WHAT TO WORK ON >> Your answer must be a single number: how many lines of the data include "return".

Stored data
——————

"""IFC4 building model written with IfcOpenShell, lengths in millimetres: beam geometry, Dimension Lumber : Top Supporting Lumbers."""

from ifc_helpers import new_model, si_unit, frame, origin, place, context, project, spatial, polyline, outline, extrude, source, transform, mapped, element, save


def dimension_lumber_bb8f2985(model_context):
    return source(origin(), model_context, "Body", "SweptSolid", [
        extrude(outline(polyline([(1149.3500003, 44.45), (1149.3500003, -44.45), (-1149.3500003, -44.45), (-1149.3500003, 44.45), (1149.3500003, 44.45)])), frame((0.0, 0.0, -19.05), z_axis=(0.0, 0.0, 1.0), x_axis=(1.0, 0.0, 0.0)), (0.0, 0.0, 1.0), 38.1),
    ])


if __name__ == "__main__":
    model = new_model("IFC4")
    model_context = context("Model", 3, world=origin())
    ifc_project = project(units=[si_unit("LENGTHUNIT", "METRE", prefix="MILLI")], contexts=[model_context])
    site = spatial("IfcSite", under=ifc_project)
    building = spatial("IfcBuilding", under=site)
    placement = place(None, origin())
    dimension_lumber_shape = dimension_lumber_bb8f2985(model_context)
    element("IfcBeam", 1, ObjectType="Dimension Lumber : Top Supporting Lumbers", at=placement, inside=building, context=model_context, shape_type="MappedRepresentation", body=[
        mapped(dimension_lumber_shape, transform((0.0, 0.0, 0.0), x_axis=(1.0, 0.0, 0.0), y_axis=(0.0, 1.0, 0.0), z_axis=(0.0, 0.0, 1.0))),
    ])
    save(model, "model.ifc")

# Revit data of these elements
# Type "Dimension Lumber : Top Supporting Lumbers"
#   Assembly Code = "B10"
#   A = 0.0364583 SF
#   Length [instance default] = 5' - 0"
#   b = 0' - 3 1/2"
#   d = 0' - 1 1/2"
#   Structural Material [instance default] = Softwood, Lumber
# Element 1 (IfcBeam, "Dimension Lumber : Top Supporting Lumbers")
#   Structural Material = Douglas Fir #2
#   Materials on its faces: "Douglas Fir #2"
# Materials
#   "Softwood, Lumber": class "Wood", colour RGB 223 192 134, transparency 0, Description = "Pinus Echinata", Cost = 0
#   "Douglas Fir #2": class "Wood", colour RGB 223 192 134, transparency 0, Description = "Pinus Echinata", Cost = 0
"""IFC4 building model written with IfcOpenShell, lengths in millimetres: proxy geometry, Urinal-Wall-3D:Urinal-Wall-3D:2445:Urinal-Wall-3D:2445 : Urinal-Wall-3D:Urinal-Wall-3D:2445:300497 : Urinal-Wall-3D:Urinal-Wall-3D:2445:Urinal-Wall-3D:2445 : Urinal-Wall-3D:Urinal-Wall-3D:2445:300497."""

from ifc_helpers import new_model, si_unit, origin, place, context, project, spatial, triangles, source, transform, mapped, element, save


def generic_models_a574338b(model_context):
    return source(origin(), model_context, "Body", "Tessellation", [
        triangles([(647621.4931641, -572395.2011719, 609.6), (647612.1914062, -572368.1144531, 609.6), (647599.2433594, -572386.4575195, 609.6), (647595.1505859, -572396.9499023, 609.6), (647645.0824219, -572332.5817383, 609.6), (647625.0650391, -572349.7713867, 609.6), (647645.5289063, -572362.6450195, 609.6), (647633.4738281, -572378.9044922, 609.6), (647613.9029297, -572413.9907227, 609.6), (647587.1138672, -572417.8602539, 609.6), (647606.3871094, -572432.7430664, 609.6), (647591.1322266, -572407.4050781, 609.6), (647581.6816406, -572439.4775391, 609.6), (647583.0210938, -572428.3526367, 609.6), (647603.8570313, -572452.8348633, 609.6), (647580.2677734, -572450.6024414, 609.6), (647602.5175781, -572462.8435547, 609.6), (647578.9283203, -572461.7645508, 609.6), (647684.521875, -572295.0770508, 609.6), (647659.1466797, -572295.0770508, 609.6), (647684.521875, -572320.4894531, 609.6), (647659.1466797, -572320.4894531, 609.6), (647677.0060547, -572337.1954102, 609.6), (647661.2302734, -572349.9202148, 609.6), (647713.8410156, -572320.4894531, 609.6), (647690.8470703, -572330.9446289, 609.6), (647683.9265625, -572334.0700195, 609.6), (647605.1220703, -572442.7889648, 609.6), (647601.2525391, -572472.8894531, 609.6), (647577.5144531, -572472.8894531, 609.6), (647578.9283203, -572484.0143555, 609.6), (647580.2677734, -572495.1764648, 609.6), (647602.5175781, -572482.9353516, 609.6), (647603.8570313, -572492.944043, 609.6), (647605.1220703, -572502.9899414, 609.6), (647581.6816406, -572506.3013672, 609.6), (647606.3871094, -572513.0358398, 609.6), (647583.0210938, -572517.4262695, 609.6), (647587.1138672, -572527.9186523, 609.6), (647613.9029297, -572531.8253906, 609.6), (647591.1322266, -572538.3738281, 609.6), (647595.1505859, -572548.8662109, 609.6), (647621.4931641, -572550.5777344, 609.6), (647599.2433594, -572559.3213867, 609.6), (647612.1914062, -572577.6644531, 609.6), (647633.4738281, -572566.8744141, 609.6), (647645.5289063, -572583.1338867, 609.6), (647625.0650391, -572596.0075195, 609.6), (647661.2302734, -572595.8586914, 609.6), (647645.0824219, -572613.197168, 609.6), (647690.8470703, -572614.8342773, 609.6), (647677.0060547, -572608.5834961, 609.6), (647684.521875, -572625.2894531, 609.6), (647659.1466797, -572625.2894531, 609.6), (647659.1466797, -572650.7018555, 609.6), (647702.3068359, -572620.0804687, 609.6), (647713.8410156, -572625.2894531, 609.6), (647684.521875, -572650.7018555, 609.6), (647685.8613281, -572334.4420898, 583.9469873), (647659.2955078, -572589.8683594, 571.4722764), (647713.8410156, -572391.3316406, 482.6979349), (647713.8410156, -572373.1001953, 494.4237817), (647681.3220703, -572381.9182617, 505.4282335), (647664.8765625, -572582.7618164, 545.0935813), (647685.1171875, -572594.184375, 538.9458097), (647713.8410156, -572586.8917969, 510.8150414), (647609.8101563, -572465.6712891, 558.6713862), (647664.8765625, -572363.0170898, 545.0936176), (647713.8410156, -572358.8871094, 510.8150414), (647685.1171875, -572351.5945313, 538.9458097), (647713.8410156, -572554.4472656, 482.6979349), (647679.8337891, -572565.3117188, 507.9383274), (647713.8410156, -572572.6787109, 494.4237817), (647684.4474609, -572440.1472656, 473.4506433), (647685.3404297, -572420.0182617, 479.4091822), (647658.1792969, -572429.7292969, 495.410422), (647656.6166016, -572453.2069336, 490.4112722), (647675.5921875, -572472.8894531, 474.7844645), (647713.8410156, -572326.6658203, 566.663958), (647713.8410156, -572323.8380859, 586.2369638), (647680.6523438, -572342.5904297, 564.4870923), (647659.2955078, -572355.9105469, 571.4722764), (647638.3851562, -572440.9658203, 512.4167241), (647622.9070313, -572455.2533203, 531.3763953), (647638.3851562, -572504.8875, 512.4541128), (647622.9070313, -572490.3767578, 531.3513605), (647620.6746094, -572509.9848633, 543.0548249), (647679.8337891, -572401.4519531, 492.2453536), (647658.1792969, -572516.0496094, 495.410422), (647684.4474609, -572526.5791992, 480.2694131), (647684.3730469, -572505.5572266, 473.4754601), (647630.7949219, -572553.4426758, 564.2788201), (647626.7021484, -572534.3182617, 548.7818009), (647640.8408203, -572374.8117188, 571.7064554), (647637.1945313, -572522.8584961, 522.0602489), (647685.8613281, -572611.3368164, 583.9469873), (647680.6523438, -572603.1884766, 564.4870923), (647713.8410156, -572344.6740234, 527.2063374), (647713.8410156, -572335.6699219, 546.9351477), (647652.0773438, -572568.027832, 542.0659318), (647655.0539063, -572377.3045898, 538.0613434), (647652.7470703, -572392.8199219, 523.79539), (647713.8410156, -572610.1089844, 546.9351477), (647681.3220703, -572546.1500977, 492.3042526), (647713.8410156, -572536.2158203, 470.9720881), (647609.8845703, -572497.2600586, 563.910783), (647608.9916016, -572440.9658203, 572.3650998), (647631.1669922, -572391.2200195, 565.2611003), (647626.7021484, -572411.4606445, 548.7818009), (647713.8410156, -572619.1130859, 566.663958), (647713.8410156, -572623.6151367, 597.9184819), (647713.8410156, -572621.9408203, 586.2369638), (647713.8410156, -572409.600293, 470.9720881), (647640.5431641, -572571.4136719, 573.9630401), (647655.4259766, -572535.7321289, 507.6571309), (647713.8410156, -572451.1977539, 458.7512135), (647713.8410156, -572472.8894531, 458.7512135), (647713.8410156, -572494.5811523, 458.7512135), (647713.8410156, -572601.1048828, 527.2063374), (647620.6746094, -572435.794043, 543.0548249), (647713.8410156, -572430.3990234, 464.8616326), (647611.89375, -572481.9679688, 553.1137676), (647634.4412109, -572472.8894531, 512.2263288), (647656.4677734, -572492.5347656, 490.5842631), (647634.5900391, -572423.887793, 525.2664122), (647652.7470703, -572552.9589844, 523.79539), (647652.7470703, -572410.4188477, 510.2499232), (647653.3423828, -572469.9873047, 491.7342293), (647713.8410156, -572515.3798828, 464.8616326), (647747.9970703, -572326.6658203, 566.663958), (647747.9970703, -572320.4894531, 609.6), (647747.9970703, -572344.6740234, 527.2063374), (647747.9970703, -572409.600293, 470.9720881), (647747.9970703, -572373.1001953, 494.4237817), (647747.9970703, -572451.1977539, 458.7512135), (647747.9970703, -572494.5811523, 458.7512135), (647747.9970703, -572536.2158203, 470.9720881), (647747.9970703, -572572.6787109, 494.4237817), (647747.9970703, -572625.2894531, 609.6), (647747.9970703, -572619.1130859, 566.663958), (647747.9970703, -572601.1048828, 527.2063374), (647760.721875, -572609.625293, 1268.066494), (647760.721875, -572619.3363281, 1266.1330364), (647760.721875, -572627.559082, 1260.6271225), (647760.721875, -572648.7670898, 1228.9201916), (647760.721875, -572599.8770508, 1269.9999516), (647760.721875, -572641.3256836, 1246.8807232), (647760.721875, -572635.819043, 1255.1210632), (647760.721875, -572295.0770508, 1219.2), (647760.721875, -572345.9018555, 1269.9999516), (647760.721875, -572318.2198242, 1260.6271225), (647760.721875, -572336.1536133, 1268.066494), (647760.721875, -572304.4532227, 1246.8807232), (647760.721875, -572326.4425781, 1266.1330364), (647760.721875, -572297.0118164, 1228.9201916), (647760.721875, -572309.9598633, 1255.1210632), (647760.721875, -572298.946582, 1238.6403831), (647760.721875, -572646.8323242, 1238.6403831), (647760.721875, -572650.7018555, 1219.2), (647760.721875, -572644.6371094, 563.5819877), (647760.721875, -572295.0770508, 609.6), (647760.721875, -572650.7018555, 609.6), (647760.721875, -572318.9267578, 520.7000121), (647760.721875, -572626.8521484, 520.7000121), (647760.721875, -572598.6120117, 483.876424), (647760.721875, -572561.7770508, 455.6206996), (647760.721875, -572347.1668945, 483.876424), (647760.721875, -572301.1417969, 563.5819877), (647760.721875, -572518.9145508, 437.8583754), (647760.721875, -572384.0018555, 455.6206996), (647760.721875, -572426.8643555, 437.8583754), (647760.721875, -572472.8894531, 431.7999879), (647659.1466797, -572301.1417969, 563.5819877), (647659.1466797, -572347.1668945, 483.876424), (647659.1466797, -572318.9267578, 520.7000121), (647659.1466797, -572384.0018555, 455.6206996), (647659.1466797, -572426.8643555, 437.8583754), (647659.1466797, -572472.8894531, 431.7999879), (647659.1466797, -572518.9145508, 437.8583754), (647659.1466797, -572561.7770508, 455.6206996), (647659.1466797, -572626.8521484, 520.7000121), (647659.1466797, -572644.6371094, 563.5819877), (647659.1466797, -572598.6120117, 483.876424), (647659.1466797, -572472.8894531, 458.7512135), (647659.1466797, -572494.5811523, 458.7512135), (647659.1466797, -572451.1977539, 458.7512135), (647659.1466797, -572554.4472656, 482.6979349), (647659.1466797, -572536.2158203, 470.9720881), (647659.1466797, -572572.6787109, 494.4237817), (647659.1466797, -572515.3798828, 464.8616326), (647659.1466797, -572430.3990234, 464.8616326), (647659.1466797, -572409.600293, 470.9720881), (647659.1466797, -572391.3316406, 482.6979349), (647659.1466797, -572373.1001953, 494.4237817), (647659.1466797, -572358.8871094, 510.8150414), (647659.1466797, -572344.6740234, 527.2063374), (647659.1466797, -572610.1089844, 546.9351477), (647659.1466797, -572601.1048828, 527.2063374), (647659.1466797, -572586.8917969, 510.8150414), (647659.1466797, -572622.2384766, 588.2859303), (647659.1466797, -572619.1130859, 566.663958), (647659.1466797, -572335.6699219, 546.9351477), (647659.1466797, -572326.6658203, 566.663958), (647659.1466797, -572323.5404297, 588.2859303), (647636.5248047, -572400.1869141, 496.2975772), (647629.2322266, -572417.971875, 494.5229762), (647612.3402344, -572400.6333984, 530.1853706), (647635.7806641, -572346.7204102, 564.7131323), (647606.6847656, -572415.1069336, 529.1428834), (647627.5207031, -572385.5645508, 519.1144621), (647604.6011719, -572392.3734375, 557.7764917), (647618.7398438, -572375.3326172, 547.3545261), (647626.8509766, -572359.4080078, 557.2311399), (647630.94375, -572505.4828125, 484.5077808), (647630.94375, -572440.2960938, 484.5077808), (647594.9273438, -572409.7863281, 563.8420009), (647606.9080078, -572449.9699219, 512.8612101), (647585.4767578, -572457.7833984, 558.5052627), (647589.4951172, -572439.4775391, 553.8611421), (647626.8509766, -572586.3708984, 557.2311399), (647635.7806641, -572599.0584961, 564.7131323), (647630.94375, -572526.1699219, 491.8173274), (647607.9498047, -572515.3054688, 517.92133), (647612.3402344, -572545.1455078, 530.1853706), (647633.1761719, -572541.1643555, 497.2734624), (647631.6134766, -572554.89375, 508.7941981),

——————

RESPONSE FOR THIS EXERCISE >> 2